Why should I bother with patents? Don’t they take forever to be awarded? Doesn’t copyright last longer? (And aren’t patents evil?)
The conservative (as in conservation of value – I’m not using it in the political sense) business practice is to patent wherever possible and use copyright registration or trade secret protection as simultaneous regimes alongside patents to protect assets.
The protection afforded by a patent is substantially broader than other forms of IP protection, inasmuch as copyright only protects against direct copying of particular fixed expressions with at least some measure of intent on the part of the copyist and trade secret law only protects against actual misappropriation or theft of information. Patents, on the other hand, protect against even innocent duplication of underlying inventions or methods and their equivalents. Thus, patents can constitute a much stronger arsenal to ward off competition. On the other, other hand, trade secrets and copyrights can last much, much longer than patents, which expire after 20 years. A comprehensive IP strategy, then, should employ artful use of all forms of IP.
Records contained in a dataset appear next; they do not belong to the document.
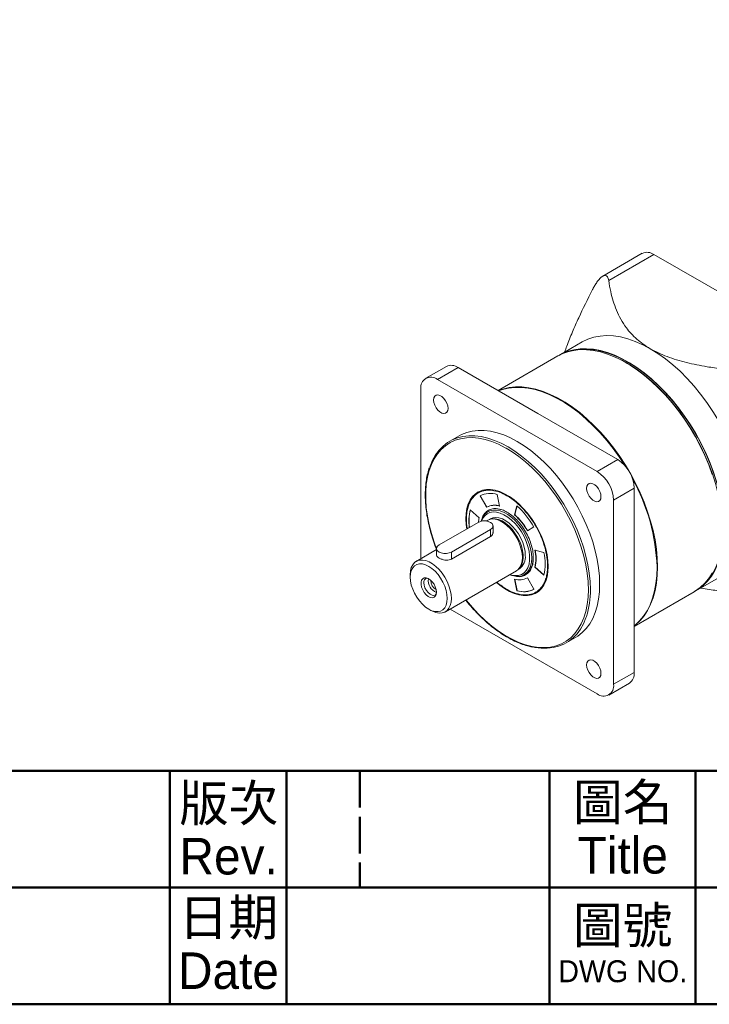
# Model space of a CAD drawing. Header units: millimetres. Extents: x 3106 to 3678, y 771 to 1172.
# Tile 3 of 5: x 3489 to 3583, y 771 to 906. Entities that reach past the tile are written whole.
import ezdxf

# ---------------------------------------------------------------- set-up
doc = ezdxf.new("R2010")
doc.units = ezdxf.units.MM
doc.linetypes.add('DASHED', pattern=[0.2068, 0.1655, -0.0413])
doc.layers.add('圖框', color=7, linetype='Continuous', lineweight=50)
doc.layers.add('產品', color=7, linetype='Continuous')
doc.styles.add('預設-ISO', font='arial.ttf')

# ---------------------------------------------------------------- blocks, each defined once
blk = doc.blocks.new('標題欄框 下標註')
at = {"layer": '圖框'}
for p, q in [((203.283, 89.91), (203.283, 73.91)), ((211.283, 89.91), (211.283, 81.91)), ((229.283, 89.91), (229.283, 73.91)), ((239.283, 89.91), (239.283, 73.91)), ((162.283, 81.91), (287.283, 81.91)), ((211.283, 81.91), (211.283, 73.91))]:
    blk.add_line(p, q, dxfattribs=at)
at = {"layer": '圖框', "linetype": 'DASHED', "ltscale": 15.230104}
blk.add_line((216.283, 89.91), (216.283, 81.91), dxfattribs=at)
at = {"layer": '圖框'}
for points in [[(2.283, 89.91), (287.283, 89.91), (287.283, 273.91), (2.283, 273.91)], [(287.283, 89.91), (2.283, 89.91), (2.283, 73.91), (287.283, 73.91)]]:
    blk.add_lwpolyline(points, close=True, dxfattribs=at)
at = {"layer": '圖框', "color": 7, "attachment_point": 5, "line_spacing_factor": 0.875, "style": '預設-ISO'}
for s, insert, char_height, width in [('\\f新細明體|b0|i0;\\H2.5000;版次\\PRev.', (207.31, 85.856), 2.5, 7.99882), ('\\f新細明體|b0|i0;\\H2.5000;圖名\\PTitle', (234.302, 85.921), 2.5, 10.09163), ('\\f新細明體|b0|i0;\\H2.5000;日期\\PDate', (207.297, 78.017), 2.5, 7.96821), ('\\f新細明體|b0|i0;\\H2.5000;圖號\\P\\f新細明體|b0|i0;\\H1.5000;DWG NO.', (234.297, 77.986), 3.5, 9.97321)]:
    blk.add_mtext(s, dxfattribs=dict(at, insert=insert, char_height=char_height, width=width))
blk = doc.blocks.new('A$C09C968F9')
at = {"layer": '產品', "linetype": 'Continuous', "lineweight": 15}
for p, q in [((31.87, 62.12), (26.45, 58.99)), ((33.47, 61.96), (27.27, 58.38)), ((55.39, 49.31), (33.47, 61.96)), ((23.63, 49.95), (20.52, 48.15)), ((20.29, 48.02), (12.06, 43.27)), ((4.98, 46.59), (2.15, 44.96)), ((6.58, 46.43), (3.75, 44.8)), ((17.54, 40.11), (6.58, 46.43)), ((29.73, 47.05), (29.64, 47.09)), ((25.67, 32.15), (3.75, 44.8)), ((1.48, 43.49), (1.48, 20.19)), ((28.5, 33.78), (17.54, 40.11)), ((6.71, 37.06), (5.44, 36.33)), ((28.5, 33.78), (25.67, 32.15)), ((30.76, 29.86), (27.93, 28.23)), ((30.76, 17.2), (30.76, 29.86)), ((9.59, 28.8), (10.49, 27.24)), ((9.59, 28.8), (9.59, 28.8)), ((9.62, 28.81), (10.52, 27.25)), ((12.27, 27.4), (11.94, 29.01)), ((10.52, 27.25), (10.49, 27.24)), ((14.65, 27.44), (14.32, 26.21)), ((14.67, 27.43), (14.35, 26.23)), ((27.93, 2.92), (27.93, 28.23)), ((9.47, 25.78), (8.24, 26.87)), ((10.88, 26.77), (10.65, 26.64)), ((14.35, 26.23), (14.32, 26.21)), ((9.33, 25.17), (3.96, 22.06)), ((10.59, 25.44), (10.43, 25.35)), ((11.03, 25.66), (10.89, 25.57)), ((11.05, 25.62), (10.89, 25.57)), ((11.38, 23.7), (11.38, 24.68)), ((16.09, 24.01), (16.99, 24.53)), ((5.66, 21.08), (11.03, 24.19)), ((11.03, 23.22), (5.66, 20.12)), ((11.03, 23.22), (11.03, 24.19)), ((3.61, 21.42), (0.83, 19.81)), ((3.61, 21.57), (3.61, 20.68)), ((5.66, 21.08), (5.66, 20.12)), ((18.35, 21.03), (17.12, 21.36)), ((17.12, 19), (17.15, 19.01)), ((17.12, 19), (18.35, 17.91)), ((17.15, 19.01), (18.36, 17.94)), ((0, 17.98), (0, 17.65)), ((4.83, 12.88), (14.59, 18.52)), ((14.85, 18.71), (14.97, 18.83)), ((14.85, 18.71), (14.99, 18.8)), ((15.65, 17.98), (15.88, 18.11)), ((14.32, 17.38), (14.65, 15.77)), ((14.35, 17.37), (14.68, 15.79)), ((16.09, 17.54), (16.09, 17.54)), ((16.99, 15.98), (16.09, 17.54)), ((24.47, 15.94), (24.44, 16.8)), ((30.76, 4.55), (30.76, 17.2)), ((39.22, 15.76), (42.33, 17.56)), ((14.65, 15.77), (14.68, 15.79)), ((16.99, 15.98), (16.99, 15.98)), ((30.76, 10.88), (38.99, 15.63)), ((2.55, 13.24), (2.83, 13.08)), ((5.48, 13.26), (25.67, 1.61)), ((21.43, 8.61), (22.71, 9.35)), ((30.76, 4.55), (27.93, 2.92)), ((27.27, 1.45), (30.1, 3.08))]:
    blk.add_line(p, q, dxfattribs=at)
at = {"layer": '產品', "linetype": 'Continuous', "lineweight": 15, "flags": 128}
for points in [[(32.98, 49.02), (31.94, 49.57), (30.91, 50.03), (29.89, 50.38), (28.89, 50.63), (27.92, 50.78), (26.98, 50.82), (26.07, 50.76), (25.21, 50.59), (24.39, 50.32), (23.63, 49.95)], [(38.99, 15.63), (39.17, 15.74), (39.84, 16.22), (40.46, 16.8), (41.01, 17.46), (41.49, 18.21)], [(41.49, 31.76), (41.01, 33.07), (40.46, 34.37), (39.84, 35.65), (39.17, 36.91), (38.44, 38.15), (37.66, 39.34), (36.83, 40.49), (35.96, 41.59), (35.05, 42.64), (34.11, 43.62), (33.15, 44.53), (32.16, 45.36), (31.16, 46.12), (30.15, 46.79), (29.14, 47.38), (28.13, 47.87), (27.12, 48.27), (26.14, 48.57), (25.17, 48.78), (24.23, 48.88), (23.33, 48.89), (22.45, 48.79), (21.63, 48.6), (20.84, 48.3), (20.29, 48.02)], [(20.41, 48.09), (20.88, 48.35), (21.65, 48.66), (22.47, 48.88), (23.33, 49), (24.23, 49.02), (25.16, 48.94), (26.12, 48.76), (27.1, 48.49), (28.1, 48.11), (29.11, 47.64), (30.12, 47.08), (31.13, 46.43), (32.14, 45.69), (33.13, 44.87), (34.1, 43.98), (35.05, 43.02), (35.96, 41.99), (36.84, 40.9), (37.68, 39.77), (38.48, 38.58), (39.22, 37.36)], [(41.29, 32.99), (40.75, 34.29), (40.15, 35.57), (39.49, 36.83), (38.77, 38.06), (38, 39.25), (37.19, 40.41), (36.33, 41.51), (35.43, 42.56), (34.5, 43.54), (33.54, 44.46), (32.57, 45.3), (31.57, 46.07), (30.57, 46.75), (29.56, 47.35), (28.56, 47.86), (27.56, 48.27), (26.57, 48.59), (25.61, 48.81), (24.67, 48.93), (23.76, 48.95), (22.89, 48.87), (22.46, 48.79)], [(46.2, 26.12), (46.16, 27.34), (46.04, 28.6), (45.84, 29.9), (45.56, 31.21), (45.2, 32.54), (44.76, 33.88), (44.25, 35.22), (43.68, 36.55), (43.03, 37.87), (42.33, 39.15), (41.57, 40.41), (40.75, 41.62), (39.89, 42.78), (38.98, 43.89), (38.04, 44.94), (37.07, 45.92), (36.07, 46.82), (35.05, 47.64), (34.02, 48.38), (32.98, 49.02)], [(41.12, 32.89), (40.58, 34.19), (39.98, 35.47), (39.32, 36.73), (38.6, 37.96), (37.83, 39.16), (37.02, 40.31), (36.16, 41.41), (35.26, 42.46), (34.33, 43.44), (33.37, 44.36), (32.4, 45.21), (31.4, 45.97), (30.4, 46.66), (29.39, 47.25), (28.39, 47.76), (28.15, 47.86)], [(29.73, 47.05), (30.23, 46.75), (31.23, 46.08), (32.23, 45.33), (33.21, 44.49), (34.17, 43.59), (35.1, 42.62), (36, 41.58), (36.87, 40.49), (37.69, 39.34), (38.47, 38.16), (39.19, 36.93), (39.86, 35.68), (40.47, 34.4), (41.02, 33.11), (41.5, 31.81), (41.91, 30.51), (42.25, 29.22), (42.52, 27.95), (42.71, 26.7), (42.83, 25.47), (42.86, 24.29)], [(12.11, 43.24), (12.74, 43.47), (13.57, 43.67), (14.44, 43.76), (15.35, 43.76), (16.29, 43.65), (17.26, 43.45), (18.24, 43.14), (19.24, 42.74), (20.25, 42.25), (21.27, 41.67), (22.28, 40.99), (23.28, 40.24), (24.26, 39.4), (25.23, 38.49), (26.17, 37.51), (27.08, 36.47), (27.95, 35.37), (28.78, 34.22), (29.56, 33.02), (30.29, 31.79), (30.96, 30.53), (31.58, 29.24), (32.13, 27.94), (32.61, 26.63), (33.02, 25.33), (33.37, 24.03), (33.64, 22.75), (33.83, 21.49), (33.94, 20.26), (33.98, 19.07), (33.94, 17.92), (33.83, 16.82), (33.64, 15.79), (33.37, 14.81), (33.02, 13.91), (32.61, 13.08), (32.13, 12.34), (31.58, 11.67), (30.96, 11.1), (30.76, 10.94)], [(29.5, 32.93), (29.47, 32.97), (28.69, 34.17), (27.86, 35.32), (26.99, 36.42), (26.08, 37.46), (25.15, 38.44), (24.18, 39.35), (23.19, 40.19), (22.19, 40.94), (21.18, 41.62), (20.17, 42.2), (19.16, 42.69), (18.16, 43.09), (17.17, 43.4), (16.21, 43.6), (15.27, 43.71), (14.36, 43.71), (13.49, 43.62), (12.66, 43.42), (12.12, 43.23)], [(5.2, 40.82), (5.16, 41.17), (5.04, 41.53), (4.86, 41.88), (4.62, 42.19), (4.35, 42.44), (4.07, 42.6), (3.8, 42.67), (3.56, 42.63), (3.38, 42.49), (3.26, 42.26), (3.22, 41.96), (3.26, 41.62), (3.38, 41.25), (3.56, 40.9), (3.8, 40.59), (4.07, 40.34), (4.35, 40.18), (4.62, 40.11), (4.86, 40.15), (5.04, 40.29), (5.16, 40.52), (5.2, 40.82)], [(13.19, 35.35), (13.06, 35.42), (12.13, 35.89), (11.2, 36.27), (10.29, 36.55), (9.4, 36.73), (8.54, 36.81), (7.71, 36.79), (6.92, 36.66), (6.17, 36.44), (5.48, 36.12), (4.84, 35.7), (4.26, 35.19), (3.74, 34.59), (3.29, 33.9), (2.91, 33.13), (2.6, 32.29), (2.37, 31.38), (2.21, 30.4), (2.13, 29.37), (2.13, 28.29), (2.21, 27.17), (2.37, 26.02), (2.6, 24.83), (2.91, 23.64), (3.29, 22.43), (3.61, 21.55)], [(9.93, 36.91), (9.76, 36.95), (8.89, 37.06), (8.05, 37.07), (7.25, 36.98), (6.49, 36.79), (5.77, 36.51), (5.11, 36.12), (4.51, 35.65), (3.96, 35.08), (3.48, 34.43), (3.07, 33.7), (2.73, 32.89), (2.68, 32.73)], [(26.02, 16.67), (25.98, 17.78), (25.87, 18.91), (25.68, 20.08), (25.41, 21.27), (25.07, 22.47), (24.66, 23.68), (24.18, 24.88), (23.64, 26.08), (23.03, 27.25), (22.37, 28.39), (21.66, 29.5), (20.9, 30.57), (20.09, 31.59), (19.25, 32.55), (18.38, 33.44), (17.49, 34.27), (16.57, 35.02), (15.64, 35.69), (14.71, 36.27), (13.77, 36.76), (12.85, 37.17), (11.93, 37.47), (11.03, 37.68), (10.16, 37.79), (9.32, 37.8), (8.52, 37.71), (7.76, 37.53), (7.05, 37.24), (6.71, 37.06)], [(24.75, 15.94), (24.71, 17.04), (24.59, 18.18), (24.4, 19.35), (24.14, 20.54), (23.8, 21.74), (23.39, 22.94), (22.91, 24.15), (22.36, 25.34), (21.76, 26.51), (21.1, 27.66), (20.38, 28.77), (19.62, 29.84), (18.82, 30.85), (17.98, 31.81), (17.11, 32.71), (16.21, 33.53), (15.3, 34.28), (14.37, 34.95), (13.44, 35.54), (12.5, 36.03), (11.57, 36.43), (10.66, 36.74), (9.93, 36.91)], [(39.22, 37.36), (39.91, 36.1), (40.54, 34.82), (41.1, 33.52), (41.6, 32.22), (42.04, 30.91), (42.4, 29.61), (42.68, 28.32), (42.9, 27.06), (43.03, 25.82), (43.09, 24.62), (43.07, 23.46), (42.97, 22.35), (42.8, 21.3), (42.55, 20.31), (42.22, 19.39), (41.83, 18.54), (41.36, 17.77), (40.83, 17.09), (40.23, 16.49), (39.57, 15.98), (39.1, 15.7)], [(24.44, 16.8), (24.43, 17.04), (24.31, 18.18), (24.11, 19.35), (23.84, 20.54), (23.5, 21.74), (23.08, 22.95), (22.6, 24.16), (22.05, 25.35), (21.44, 26.52), (20.77, 27.66), (20.05, 28.77), (19.28, 29.83), (18.47, 30.83), (17.62, 31.78), (16.75, 32.67), (15.84, 33.48), (14.93, 34.21), (14, 34.86), (13.19, 35.35)], [(40.74, 17.12), (41.11, 17.57), (41.61, 18.3), (42.03, 19.11), (42.38, 20), (42.66, 20.95), (42.87, 21.98), (43, 23.06), (43.05, 24.19), (43.02, 25.37), (42.92, 26.58), (42.74, 27.83), (42.49, 29.1), (42.16, 30.39), (41.76, 31.69), (41.29, 32.99)], [(26.2, 28.7), (26.16, 29.04), (26.04, 29.41), (25.86, 29.76), (25.62, 30.07), (25.35, 30.32), (25.07, 30.48), (24.8, 30.55), (24.56, 30.51), (24.38, 30.37), (24.26, 30.14), (24.22, 29.84), (24.26, 29.49), (24.38, 29.13), (24.56, 28.78), (24.8, 28.47), (25.07, 28.22), (25.35, 28.06), (25.62, 27.99), (25.86, 28.03), (26.04, 28.17), (26.16, 28.4), (26.2, 28.7)], [(18.95, 19.12), (18.91, 19.9), (18.8, 20.72), (18.61, 21.55), (18.35, 22.4), (18.02, 23.25), (17.63, 24.09), (17.18, 24.9), (16.67, 25.68), (16.12, 26.41), (15.53, 27.09), (14.92, 27.71), (14.28, 28.25), (13.62, 28.72), (12.96, 29.1), (12.31, 29.39), (11.67, 29.58), (11.05, 29.68), (10.47, 29.68), (9.92, 29.58), (9.41, 29.38), (8.96, 29.09), (8.57, 28.71), (8.24, 28.24), (7.98, 27.69), (7.79, 27.07), (7.68, 26.39), (7.64, 25.65), (7.68, 24.87), (7.76, 24.25)], [(9.73, 25.32), (9.77, 25.46), (9.97, 25.92), (10.23, 26.29), (10.56, 26.58), (10.95, 26.77), (11.38, 26.86), (11.86, 26.85), (12.37, 26.74), (12.89, 26.53), (13.42, 26.23), (13.94, 25.83), (14.44, 25.36), (14.92, 24.82), (15.36, 24.23), (15.74, 23.59), (16.07, 22.92), (16.34, 22.24), (16.53, 21.56), (16.65, 20.9), (16.69, 20.27)], [(9.79, 25.33), (9.97, 25.72), (10.23, 26.08), (10.57, 26.36), (10.95, 26.53), (11.39, 26.6), (11.86, 26.58), (12.36, 26.45), (12.88, 26.22), (13.4, 25.89), (13.91, 25.49), (14.4, 25), (14.86, 24.45), (15.27, 23.85), (15.63, 23.21), (15.93, 22.54), (16.16, 21.87), (16.32, 21.21), (16.39, 20.57), (16.39, 19.97), (16.32, 19.42), (16.16, 18.94), (15.93, 18.54), (15.63, 18.22), (15.27, 18), (14.86, 17.87), (14.4, 17.85), (13.91, 17.93), (13.68, 18)], [(15.81, 20.61), (15.77, 21.18), (15.65, 21.78), (15.46, 22.39), (15.19, 23), (14.86, 23.58), (14.48, 24.13), (14.05, 24.62), (13.6, 25.05), (13.13, 25.39), (12.66, 25.64), (12.19, 25.79), (11.75, 25.84), (11.35, 25.79), (11.03, 25.66)], [(11.03, 24.19), (11.25, 24.36), (11.37, 24.57), (11.37, 24.78), (11.25, 24.99), (11.03, 25.17), (10.73, 25.29), (10.37, 25.36), (9.99, 25.36), (9.64, 25.29), (9.33, 25.17)], [(10.59, 25.44), (10.67, 25.49), (11.04, 25.61), (11.45, 25.63), (11.89, 25.55), (12.35, 25.37), (12.82, 25.1), (13.28, 24.75), (13.72, 24.32), (14.13, 23.82), (14.5, 23.28), (14.82, 22.7), (15.07, 22.1), (15.26, 21.5), (15.38, 20.91), (15.41, 20.35), (15.38, 19.83), (15.26, 19.38), (15.07, 18.99), (14.82, 18.69), (14.59, 18.52)], [(11.05, 25.62), (11.26, 25.66), (11.68, 25.67), (12.14, 25.56), (12.61, 25.36), (13.08, 25.06), (13.55, 24.68), (13.99, 24.22), (14.39, 23.7), (14.75, 23.13), (15.05, 22.53), (15.28, 21.92), (15.44, 21.31), (15.52, 20.73), (15.52, 20.18), (15.44, 19.68), (15.28, 19.26), (15.05, 18.91), (14.97, 18.83)], [(3.96, 22.06), (3.74, 21.89), (3.62, 21.68), (3.62, 21.46), (3.74, 21.26), (3.96, 21.08), (4.26, 20.96), (4.62, 20.89), (5, 20.89), (5.35, 20.96), (5.66, 21.08)], [(0, 17.98), (0.04, 18.5), (0.15, 18.95), (0.34, 19.34), (0.6, 19.64), (0.91, 19.86), (1.28, 19.97), (1.69, 19.99), (2.13, 19.91), (2.59, 19.74), (3.06, 19.47), (3.52, 19.11), (3.96, 18.68), (4.38, 18.19), (4.74, 17.64), (5.06, 17.06), (5.32, 16.47), (5.5, 15.86), (5.62, 15.27), (5.66, 14.71)], [(0, 17.65), (0.04, 18.14), (0.15, 18.57), (0.34, 18.93), (0.6, 19.2), (0.91, 19.38), (1.27, 19.46), (1.67, 19.45), (2.1, 19.33), (2.55, 19.12), (2.99, 18.82), (3.42, 18.44), (3.82, 17.99), (4.18, 17.49), (4.5, 16.95), (4.75, 16.38), (4.94, 15.81), (5.05, 15.25), (5.09, 14.71), (5.05, 14.23), (4.94, 13.8), (4.75, 13.44), (4.5, 13.17), (4.18, 12.99), (3.82, 12.9), (3.42, 12.92), (2.99, 13.03), (2.55, 13.24), (2.1, 13.54), (1.67, 13.92), (1.27, 14.37), (0.91, 14.88), (0.6, 15.42), (0.34, 15.99), (0.15, 16.56), (0.04, 17.12), (0, 17.65)], [(11.83, 16.92), (12.31, 16.52), (12.96, 16.06), (13.62, 15.68), (14.28, 15.39), (14.92, 15.19), (15.53, 15.1), (16.12, 15.1), (16.67, 15.2), (17.18, 15.4), (17.63, 15.69), (18.02, 16.07), (18.35, 16.54), (18.61, 17.09), (18.8, 17.7), (18.91, 18.39), (18.95, 19.12)], [(16.69, 20.27), (16.65, 19.68), (16.53, 19.15), (16.34, 18.7), (16.07, 18.32), (15.74, 18.03), (15.36, 17.84), (14.92, 17.75), (14.44, 17.76), (13.94, 17.87), (13.65, 17.98)], [(30.76, 10.95), (30.88, 11.05), (31.49, 11.62), (32.04, 12.29), (32.53, 13.03), (32.94, 13.86), (33.28, 14.77), (33.55, 15.74), (33.74, 16.78), (33.86, 17.87), (33.9, 19.02)], [(16.29, 18.44), (15.97, 18.16), (15.88, 18.11)], [(3.61, 15.57), (3.57, 15.92), (3.45, 16.3), (3.27, 16.66), (3.03, 16.99), (2.76, 17.26), (2.47, 17.45), (2.19, 17.54), (1.93, 17.54), (1.72, 17.43), (1.57, 17.23), (1.49, 16.96), (1.49, 16.62), (1.57, 16.26), (1.72, 15.89), (1.93, 15.54), (2.19, 15.23), (2.47, 15), (2.76, 14.86), (3.03, 14.81), (3.27, 14.87), (3.45, 15.02), (3.57, 15.26), (3.61, 15.57)], [(1.87, 16.86), (1.91, 16.52), (2.03, 16.17), (2.22, 15.83), (2.45, 15.53), (2.72, 15.31), (3, 15.17), (3.25, 15.14), (3.46, 15.21), (3.58, 15.33)], [(22.71, 9.35), (23.03, 9.55), (23.64, 10.03), (24.18, 10.59), (24.66, 11.24), (25.07, 11.98), (25.41, 12.79), (25.68, 13.67), (25.87, 14.61), (25.98, 15.62), (26.02, 16.67)], [(7.65, 14.51), (7.71, 14.44), (8.54, 13.46), (9.4, 12.54), (10.29, 11.7), (11.2, 10.92), (12.13, 10.23), (13.06, 9.63), (14, 9.11), (14.93, 8.68), (15.84, 8.36), (16.75, 8.13), (17.62, 8), (18.47, 7.97), (19.28, 8.04), (20.05, 8.21), (20.77, 8.49), (21.44, 8.86), (22.05, 9.32), (22.6, 9.88), (23.08, 10.52), (23.5, 11.25), (23.84, 12.06), (24.11, 12.93), (24.31, 13.88), (24.43, 14.88), (24.47, 15.94)], [(5.66, 14.71), (5.62, 14.2), (5.5, 13.74), (5.32, 13.36), (5.06, 13.05), (4.74, 12.84), (4.38, 12.72), (3.96, 12.7), (3.52, 12.78), (3.06, 12.96), (2.83, 13.08)], [(16.94, 8.02), (17.11, 7.99), (17.98, 7.88), (18.82, 7.87), (19.62, 7.96), (20.38, 8.15), (21.1, 8.43), (21.76, 8.82), (22.36, 9.29), (22.91, 9.86), (23.39, 10.51), (23.8, 11.24), (24.14, 12.05), (24.2, 12.23)], [(26.2, 4.45), (26.16, 4.79), (26.04, 5.16), (25.86, 5.51), (25.62, 5.82), (25.35, 6.07), (25.07, 6.23), (24.8, 6.3), (24.56, 6.26), (24.38, 6.12), (24.26, 5.89), (24.22, 5.59), (24.26, 5.24), (24.38, 4.88), (24.56, 4.53), (24.8, 4.22), (25.07, 3.97), (25.35, 3.81), (25.62, 3.74), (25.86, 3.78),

Patents have lately become a thriving form of currency in commercial markets and now comprise a significant component of every innovative enterprise’s ability to manage competition. An entire subculture of intellectual property “investment banks,” speculators, traders, “trolls,” auction houses, and market makers has arisen to give rise to a vibrant cottage industry in the buying and selling of patents. Underlying the value of this market is a shared appreciation for the fact that patents generate licensing revenues when asserted against competitors and potential infringers, who often agree to pay royalties as a much cheaper and more predictable alternative than the exorbitant expense of patent litigation. And of course, when litigated against competitors who refuse a license, patents can ultimately result in large damage awards and court orders that forfend competition.
This, in turn, means that more patent applications are being filed every year as market players attempt to establish competitive positions in what they imagine to be the important technologies of the future. It also leads directly to more issued patents being asserted more aggressively than ever against market participants in practically every sector and with respect to practically every technology.
That puts a lot of pressure on innovating companies to participate in the patent arena. Aggressive attention to patents is wise, if not mandatory, from a defensive perspective to forestall the threat of lawsuits by other intellectual property market participants. Lack of attention to this increasingly important market dynamic gives rise to the risk that the company will have no patents to use defensively to get a seat at the negotiating table when the company becomes the subject of third party patent assertion.
To fight fire with fire, first, you’ll need some fire.
Whether you agree with the law or the philosophy of patenting as currently enforced and practiced, if your company is advancing the state of the art in any meaningful way, you may wish to consider filing some patent applications.